Hochjochferner is a small valley glacier close to the Italian-Austrian border. During the last expanded glacier extent during the Little Ice Age, a long glacier tongue descended the upper Rofental, but glacier recession since then has caused the glacier tongue to be lost and now a number of smaller glaciers are what is left of the disintegrated former Hochjochferner. The most south-westerly of these glaciers hosts the Kurzras ski area – accessed from Italy. The site of our study is the next glacier body to the north-east of the ski area (blue in the figure below).
Map of Hochjochferner, showing the part that is being measured in this study (blue), the ski area (yellow) and the intervening debris-covered ice (orange) as well as the rest of the glacier also known as Hochjochferner (green).

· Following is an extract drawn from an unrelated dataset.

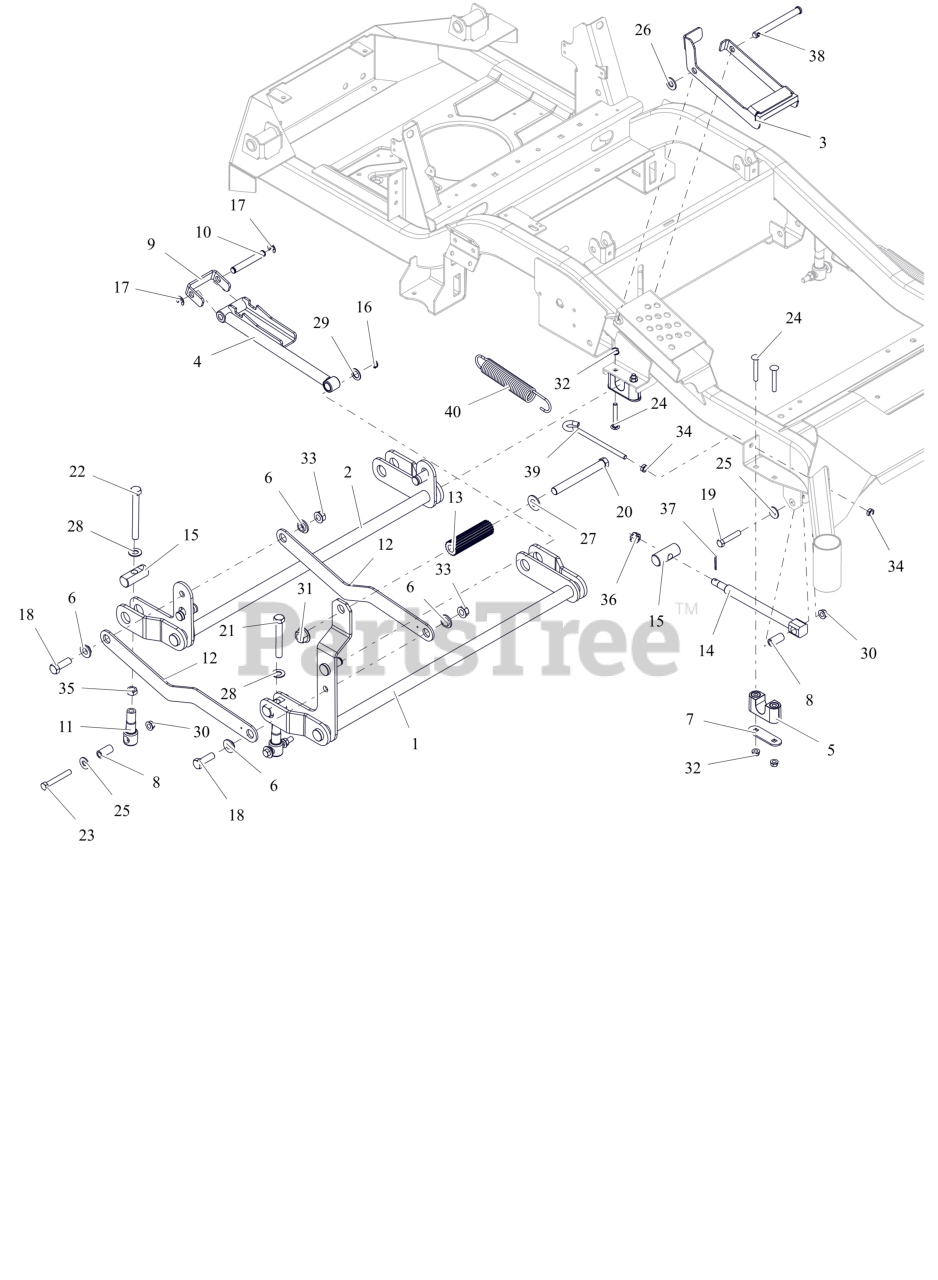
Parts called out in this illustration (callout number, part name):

The map shows all the locations of stakes measured on this site (6 on the glacier, 2 on the debris-covered ice, and 1 in the lower ski area). It also shows the locations of snow pits excavated to determine snow properties, th locations from which TLS scans were made, and the reflectors used for ground control points in the TLS scans. Figure by Hannah Prandtl.
The hydrological year in this part of the world runs from 01-October until 30-September, so glaciological mass balance for this glacier is calculated over this period, with 01/10/2013-30/09/2014 being termed the mass balance year 2014, or more simply the annual mass balance for 2013/2014. We visit and measure the 6 stakes drilled into the glacier surface and measure the surface height change there as well as determining the density of the surface (fresh snow is less dense than old snow, which is less dense than ice) so that these height changes can be converted into a water equivalent depth change over the year. Then a contour map of the likely pattern of this water equivalent surface change is mapped out by hand using these stake data and photographs from the field to see where the snowline was. The mass change within fixed elevation bands on the glacier is then calculated, summed and divided by the total glacier area to get the specific glacier mass balance.

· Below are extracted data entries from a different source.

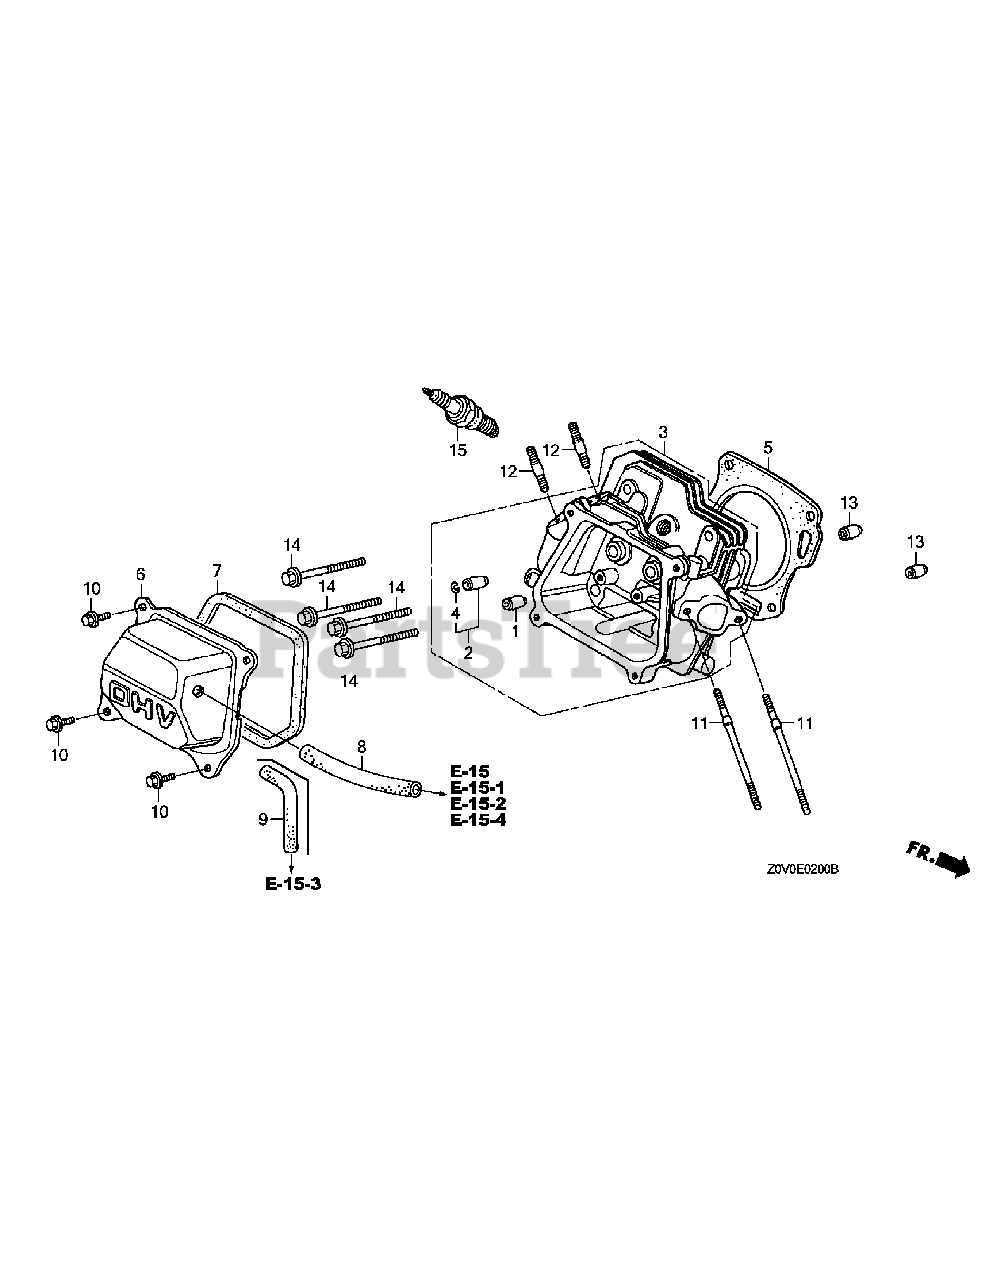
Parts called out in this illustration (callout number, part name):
1	Guide, In. Valve(O.S.)
2	Guide, Ex. Valve(O.S.)
3	Head Comp., Cylinder
4	Clip, Valve Guide
5	Gasket, Cylinder Head
6	Cover Comp., Head
7	Packing, Head Cover
8	Tube, Breather
9	Tube, Breather
10	Bolt, Flange, 6X12(Ct200)
11	Bolt, Stud, 6X112
12	Bolt, Stud, 8X32
13	Dowel Pin, 10X16
14	Bolt, Flange, 8X60
15	Plug, Spark(Bpr6Es)(Ngk)
15	Plug, Spark(Bpr5Es)(Ngk)
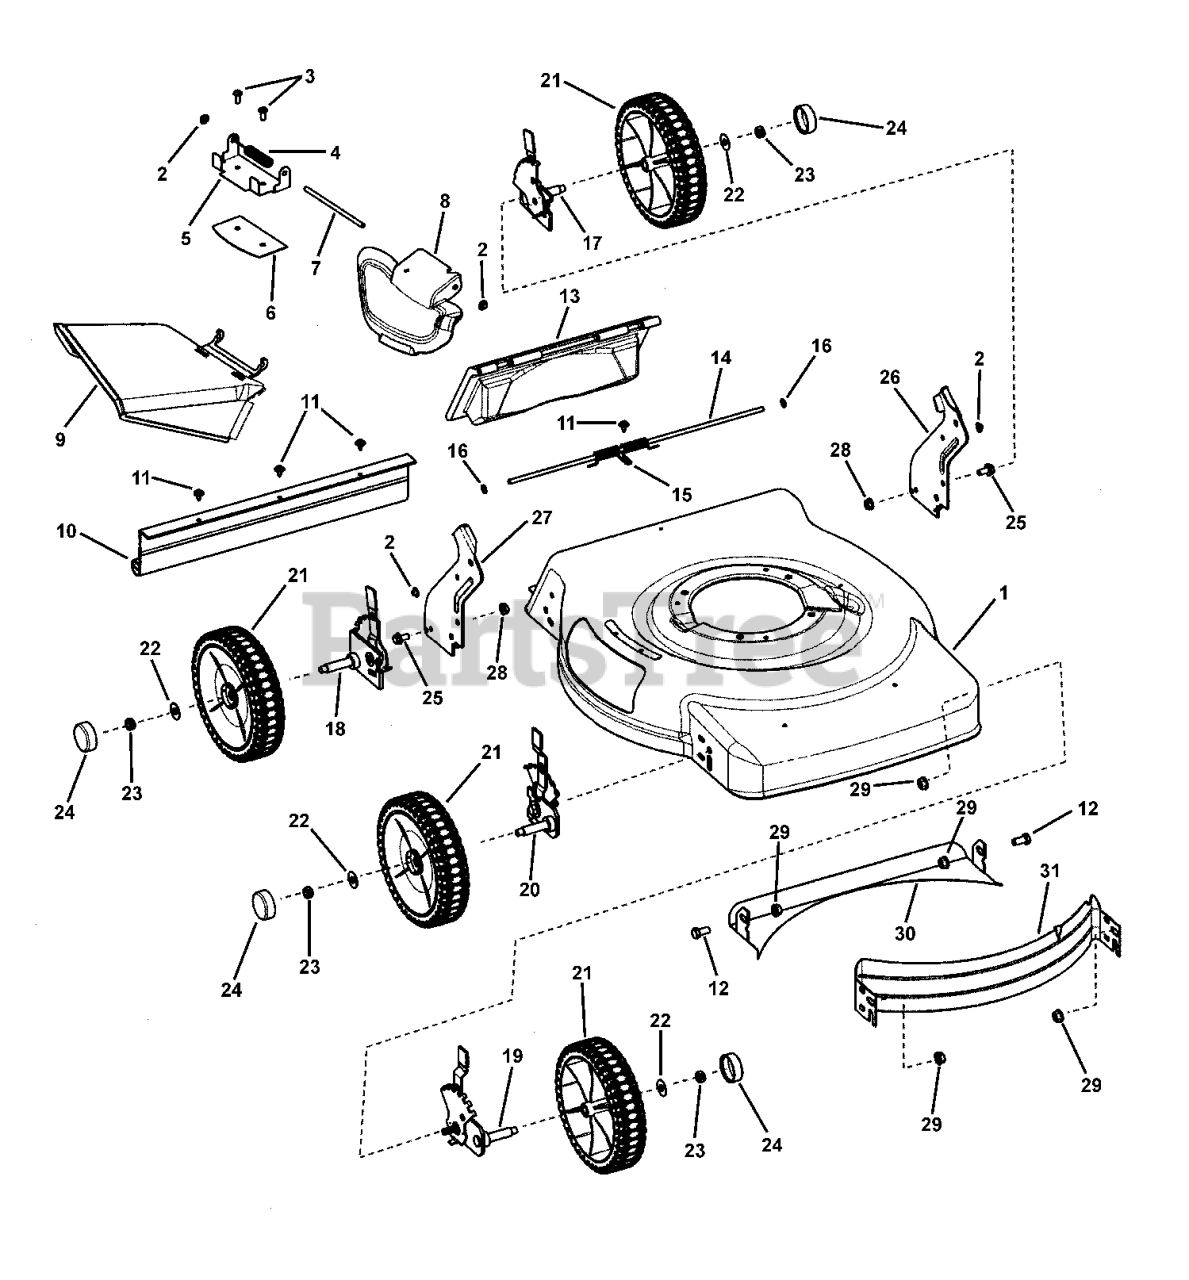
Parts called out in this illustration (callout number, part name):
1	DECK, 22" Walk, Push 3-N-1
2	PUSHNUT, 1/4"
3	SCREW, 1/4-20 x 11/16" Pan Head Self-Tap - Torx
4	SPRING, Chute - Torsion
5	BRACKET, Chute
6	PLATE, Mulch, 22" RB Scott's
7	ROD, Chute Pivot - 1/4" Dia. x 5.55"
8	COVER, Mulch, Plastic, Black
9	SIDE CHUTE, Plastic, Black
10	GUARD, Rear
11	SCREW, #10-24 x 1/2" Hex Washer Self-Tap - Sems
12	SCREW, 3/8-16 x 3/4" Hex Head Cap, GR 5
13	DOOR, Rear Discharge, 22" Walk Mower
14	ROD, Pivot, Rear Door - 1/4" Dia. X 17-1/2"
15	SPRING, Torsion, Rear Door, 22" Walk Mower
16	CAP, Retainer
17	ASSY, Height-of-Cut, Left Rear, 7 Position
18	ASSY, Height-of-Cut, Right Rear, 7 Position
19	ASSY, Height-of-Cut, Left Front, 7 Position
20	ASSY, Height-of-Cut, Right Front, 7 Position
21	ASSY, Wheel, 8"x 2" Idle, NB Murray Tread, Gray
22	WASHER, 1" O.D. x .387 I.D. Flat
23	NUT, 3/8-16 Hex Center Lock, YZ
24	HUBCAP, Round, Black
25	BOLT, 5/16-18 x 5/8" Hex Flange Lock, GR 5 YZ
26	BRACKET, Lower Handle, RH
27	BRACKET, Lower Handle, LH
28	NUT, 5/16-18 Flange Lock, YZ
29	NUT, 3/8-16 Hex Flange Lock, GR 5
30	BAFFLE, Rear, 22" Deck
31	BAFFLE, Front, 22" WBM

It turns out that while 2013/14 was a year when a moderate mass was lost (-244 kg m-2 … equivalent to removing a water layer of 24.4cm depth from the whole glacier surface), 2014/15 was a pretty nasty one for this glacier, with much more mass loss occurring (-2030 kg m-2 … equivalent to removing a water layer of 203cm (over 2m!) depth from the whole glacier surface). Here is the map of surface mass change (in units of mm water equivalent depth, which is numerically the same as mass units of kg m-2) for the mass balance year 2013/14 as determined from the glaciological method:
Now PhD student Hannah Prandtl has just published a paper on using laser scanning return signals intensity and glacier surface classification schemes to map the changing snow cover over the glacier in detail over a summer ablation season.